● WHAT TO WORK ON:
Report every line of the material that contains the string "IfcRelAggregates".

● SOURCE MATERIAL:
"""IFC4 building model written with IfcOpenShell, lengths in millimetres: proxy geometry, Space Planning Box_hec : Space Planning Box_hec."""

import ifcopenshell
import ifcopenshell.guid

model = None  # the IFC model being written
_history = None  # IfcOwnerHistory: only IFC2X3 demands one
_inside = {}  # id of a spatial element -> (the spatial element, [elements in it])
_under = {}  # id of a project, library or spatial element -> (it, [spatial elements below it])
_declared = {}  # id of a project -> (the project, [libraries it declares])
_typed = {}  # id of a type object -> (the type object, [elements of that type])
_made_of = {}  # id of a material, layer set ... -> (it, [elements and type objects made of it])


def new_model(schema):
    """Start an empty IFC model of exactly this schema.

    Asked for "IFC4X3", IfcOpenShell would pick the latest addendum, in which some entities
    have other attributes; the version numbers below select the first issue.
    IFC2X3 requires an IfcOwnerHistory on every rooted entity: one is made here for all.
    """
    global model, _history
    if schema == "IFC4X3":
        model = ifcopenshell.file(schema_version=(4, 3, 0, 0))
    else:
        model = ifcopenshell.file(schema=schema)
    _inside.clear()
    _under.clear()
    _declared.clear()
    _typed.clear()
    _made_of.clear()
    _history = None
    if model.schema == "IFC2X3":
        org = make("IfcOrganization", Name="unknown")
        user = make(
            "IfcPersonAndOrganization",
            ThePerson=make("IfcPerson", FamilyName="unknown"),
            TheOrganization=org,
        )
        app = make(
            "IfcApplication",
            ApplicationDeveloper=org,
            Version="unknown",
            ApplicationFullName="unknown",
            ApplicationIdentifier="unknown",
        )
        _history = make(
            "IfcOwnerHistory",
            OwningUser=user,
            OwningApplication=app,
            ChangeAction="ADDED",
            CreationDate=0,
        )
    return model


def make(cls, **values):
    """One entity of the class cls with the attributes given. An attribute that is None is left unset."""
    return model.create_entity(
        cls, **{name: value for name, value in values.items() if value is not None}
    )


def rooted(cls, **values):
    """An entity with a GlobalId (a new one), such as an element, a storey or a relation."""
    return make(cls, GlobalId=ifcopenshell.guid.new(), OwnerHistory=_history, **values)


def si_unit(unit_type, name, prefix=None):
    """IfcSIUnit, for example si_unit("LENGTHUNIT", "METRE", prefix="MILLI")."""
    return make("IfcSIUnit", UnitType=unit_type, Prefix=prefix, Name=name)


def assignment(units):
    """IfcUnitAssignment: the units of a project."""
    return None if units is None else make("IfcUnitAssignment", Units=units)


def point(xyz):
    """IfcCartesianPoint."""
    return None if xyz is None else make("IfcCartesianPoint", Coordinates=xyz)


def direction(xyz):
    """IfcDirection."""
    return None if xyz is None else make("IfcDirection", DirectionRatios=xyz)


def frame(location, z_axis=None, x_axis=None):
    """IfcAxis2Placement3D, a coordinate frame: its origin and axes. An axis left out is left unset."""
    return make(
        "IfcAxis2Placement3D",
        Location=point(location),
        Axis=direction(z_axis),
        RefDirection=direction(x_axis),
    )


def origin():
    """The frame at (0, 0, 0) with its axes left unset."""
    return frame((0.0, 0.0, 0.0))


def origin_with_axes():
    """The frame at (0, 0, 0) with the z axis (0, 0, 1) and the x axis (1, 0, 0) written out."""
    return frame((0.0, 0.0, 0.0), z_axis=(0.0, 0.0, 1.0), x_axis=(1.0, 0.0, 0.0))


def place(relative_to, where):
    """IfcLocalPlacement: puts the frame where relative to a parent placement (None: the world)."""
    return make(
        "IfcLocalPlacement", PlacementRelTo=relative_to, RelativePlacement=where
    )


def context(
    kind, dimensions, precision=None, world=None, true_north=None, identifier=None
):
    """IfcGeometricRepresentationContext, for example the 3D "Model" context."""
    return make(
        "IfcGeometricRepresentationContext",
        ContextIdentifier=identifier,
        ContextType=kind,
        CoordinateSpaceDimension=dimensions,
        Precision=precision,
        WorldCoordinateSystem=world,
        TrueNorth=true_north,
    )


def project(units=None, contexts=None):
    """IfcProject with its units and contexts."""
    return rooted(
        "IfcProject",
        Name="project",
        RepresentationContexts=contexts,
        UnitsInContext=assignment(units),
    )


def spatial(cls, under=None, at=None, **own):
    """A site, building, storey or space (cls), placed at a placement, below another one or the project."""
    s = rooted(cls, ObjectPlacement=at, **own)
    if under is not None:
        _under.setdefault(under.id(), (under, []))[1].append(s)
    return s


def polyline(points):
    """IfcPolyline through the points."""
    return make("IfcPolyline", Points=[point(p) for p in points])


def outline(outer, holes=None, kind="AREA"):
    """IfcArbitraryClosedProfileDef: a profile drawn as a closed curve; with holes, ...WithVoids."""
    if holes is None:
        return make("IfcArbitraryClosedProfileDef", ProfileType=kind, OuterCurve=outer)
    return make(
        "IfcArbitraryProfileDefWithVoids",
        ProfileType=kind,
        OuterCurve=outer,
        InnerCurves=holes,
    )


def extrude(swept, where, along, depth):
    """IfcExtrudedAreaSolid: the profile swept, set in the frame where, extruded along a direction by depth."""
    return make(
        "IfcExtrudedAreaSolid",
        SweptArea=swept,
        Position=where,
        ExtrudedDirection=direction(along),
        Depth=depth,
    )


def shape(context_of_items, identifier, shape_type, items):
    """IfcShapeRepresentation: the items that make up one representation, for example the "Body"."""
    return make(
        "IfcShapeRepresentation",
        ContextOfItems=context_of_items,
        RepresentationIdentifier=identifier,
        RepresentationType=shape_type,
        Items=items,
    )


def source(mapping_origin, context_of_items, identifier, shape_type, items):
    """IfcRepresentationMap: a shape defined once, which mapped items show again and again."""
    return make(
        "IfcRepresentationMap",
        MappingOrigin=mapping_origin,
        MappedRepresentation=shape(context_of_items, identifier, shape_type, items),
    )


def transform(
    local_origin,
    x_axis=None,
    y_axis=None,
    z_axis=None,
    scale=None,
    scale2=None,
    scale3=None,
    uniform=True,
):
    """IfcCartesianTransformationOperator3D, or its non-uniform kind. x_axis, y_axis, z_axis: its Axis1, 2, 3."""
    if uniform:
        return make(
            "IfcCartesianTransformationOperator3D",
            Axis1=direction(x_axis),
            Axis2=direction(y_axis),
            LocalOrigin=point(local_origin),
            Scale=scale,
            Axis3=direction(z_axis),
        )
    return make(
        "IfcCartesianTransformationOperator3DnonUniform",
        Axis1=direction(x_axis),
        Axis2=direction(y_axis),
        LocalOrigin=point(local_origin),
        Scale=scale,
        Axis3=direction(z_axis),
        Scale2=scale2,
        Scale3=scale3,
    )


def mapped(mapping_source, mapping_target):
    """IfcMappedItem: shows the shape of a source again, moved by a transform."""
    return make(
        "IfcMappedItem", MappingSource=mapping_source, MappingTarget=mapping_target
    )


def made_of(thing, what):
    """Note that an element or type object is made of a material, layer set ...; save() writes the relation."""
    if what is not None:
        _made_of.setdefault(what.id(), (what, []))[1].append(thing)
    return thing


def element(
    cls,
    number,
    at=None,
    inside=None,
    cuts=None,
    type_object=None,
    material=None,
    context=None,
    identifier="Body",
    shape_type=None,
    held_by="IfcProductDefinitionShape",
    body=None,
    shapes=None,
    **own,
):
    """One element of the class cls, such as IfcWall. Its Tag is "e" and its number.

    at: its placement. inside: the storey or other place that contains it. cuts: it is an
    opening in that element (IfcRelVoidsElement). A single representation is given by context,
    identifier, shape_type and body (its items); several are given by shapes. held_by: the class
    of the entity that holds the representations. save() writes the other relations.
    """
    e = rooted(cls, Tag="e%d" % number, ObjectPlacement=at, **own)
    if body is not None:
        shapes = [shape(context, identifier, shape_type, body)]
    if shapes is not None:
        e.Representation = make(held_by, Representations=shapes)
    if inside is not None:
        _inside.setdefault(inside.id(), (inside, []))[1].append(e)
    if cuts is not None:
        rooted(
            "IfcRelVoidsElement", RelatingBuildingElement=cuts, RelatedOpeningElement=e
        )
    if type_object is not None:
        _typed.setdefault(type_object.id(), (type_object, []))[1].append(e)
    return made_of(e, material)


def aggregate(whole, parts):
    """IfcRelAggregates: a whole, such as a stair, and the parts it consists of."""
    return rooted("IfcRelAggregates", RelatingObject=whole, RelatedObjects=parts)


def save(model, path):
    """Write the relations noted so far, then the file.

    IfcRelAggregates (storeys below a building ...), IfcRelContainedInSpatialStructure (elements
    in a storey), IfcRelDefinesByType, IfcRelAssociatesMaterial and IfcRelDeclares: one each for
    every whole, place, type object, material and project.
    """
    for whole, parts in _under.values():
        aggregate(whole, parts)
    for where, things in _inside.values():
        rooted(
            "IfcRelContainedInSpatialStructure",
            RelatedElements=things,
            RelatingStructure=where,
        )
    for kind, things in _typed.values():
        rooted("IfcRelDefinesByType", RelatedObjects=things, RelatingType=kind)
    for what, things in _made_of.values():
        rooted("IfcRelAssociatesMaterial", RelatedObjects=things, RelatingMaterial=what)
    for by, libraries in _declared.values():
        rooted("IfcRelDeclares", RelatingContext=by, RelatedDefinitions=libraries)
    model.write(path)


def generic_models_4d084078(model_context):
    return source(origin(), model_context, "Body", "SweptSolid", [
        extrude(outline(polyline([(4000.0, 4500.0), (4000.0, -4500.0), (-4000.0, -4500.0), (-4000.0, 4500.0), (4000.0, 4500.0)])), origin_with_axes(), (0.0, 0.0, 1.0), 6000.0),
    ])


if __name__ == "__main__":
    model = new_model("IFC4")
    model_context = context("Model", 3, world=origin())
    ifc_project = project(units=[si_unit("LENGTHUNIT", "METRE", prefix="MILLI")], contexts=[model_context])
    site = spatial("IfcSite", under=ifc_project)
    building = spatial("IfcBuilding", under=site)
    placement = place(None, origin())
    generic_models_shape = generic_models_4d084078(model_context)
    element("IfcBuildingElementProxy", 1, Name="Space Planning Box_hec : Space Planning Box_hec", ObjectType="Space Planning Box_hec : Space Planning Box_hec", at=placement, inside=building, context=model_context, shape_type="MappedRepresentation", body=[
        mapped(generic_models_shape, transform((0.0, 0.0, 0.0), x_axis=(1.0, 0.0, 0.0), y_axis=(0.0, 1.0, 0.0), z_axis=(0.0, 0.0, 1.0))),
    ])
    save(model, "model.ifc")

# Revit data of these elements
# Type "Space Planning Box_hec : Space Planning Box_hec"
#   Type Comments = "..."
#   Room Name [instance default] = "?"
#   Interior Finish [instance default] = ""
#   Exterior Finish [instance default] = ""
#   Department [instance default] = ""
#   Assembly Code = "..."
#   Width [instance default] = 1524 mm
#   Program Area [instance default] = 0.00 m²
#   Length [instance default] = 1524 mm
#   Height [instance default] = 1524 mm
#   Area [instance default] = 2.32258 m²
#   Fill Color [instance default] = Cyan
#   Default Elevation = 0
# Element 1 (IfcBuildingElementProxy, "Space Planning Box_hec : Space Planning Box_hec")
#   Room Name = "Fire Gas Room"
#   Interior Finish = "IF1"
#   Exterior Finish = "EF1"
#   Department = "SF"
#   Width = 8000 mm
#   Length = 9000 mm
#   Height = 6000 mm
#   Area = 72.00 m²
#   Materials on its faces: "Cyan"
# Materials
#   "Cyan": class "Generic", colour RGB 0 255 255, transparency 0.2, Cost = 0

● ANSWER SPACE:
    """IfcRelAggregates: a whole, such as a stair, and the parts it consists of."""
    return rooted("IfcRelAggregates", RelatingObject=whole, RelatedObjects=parts)
    IfcRelAggregates (storeys below a building ...), IfcRelContainedInSpatialStructure (elements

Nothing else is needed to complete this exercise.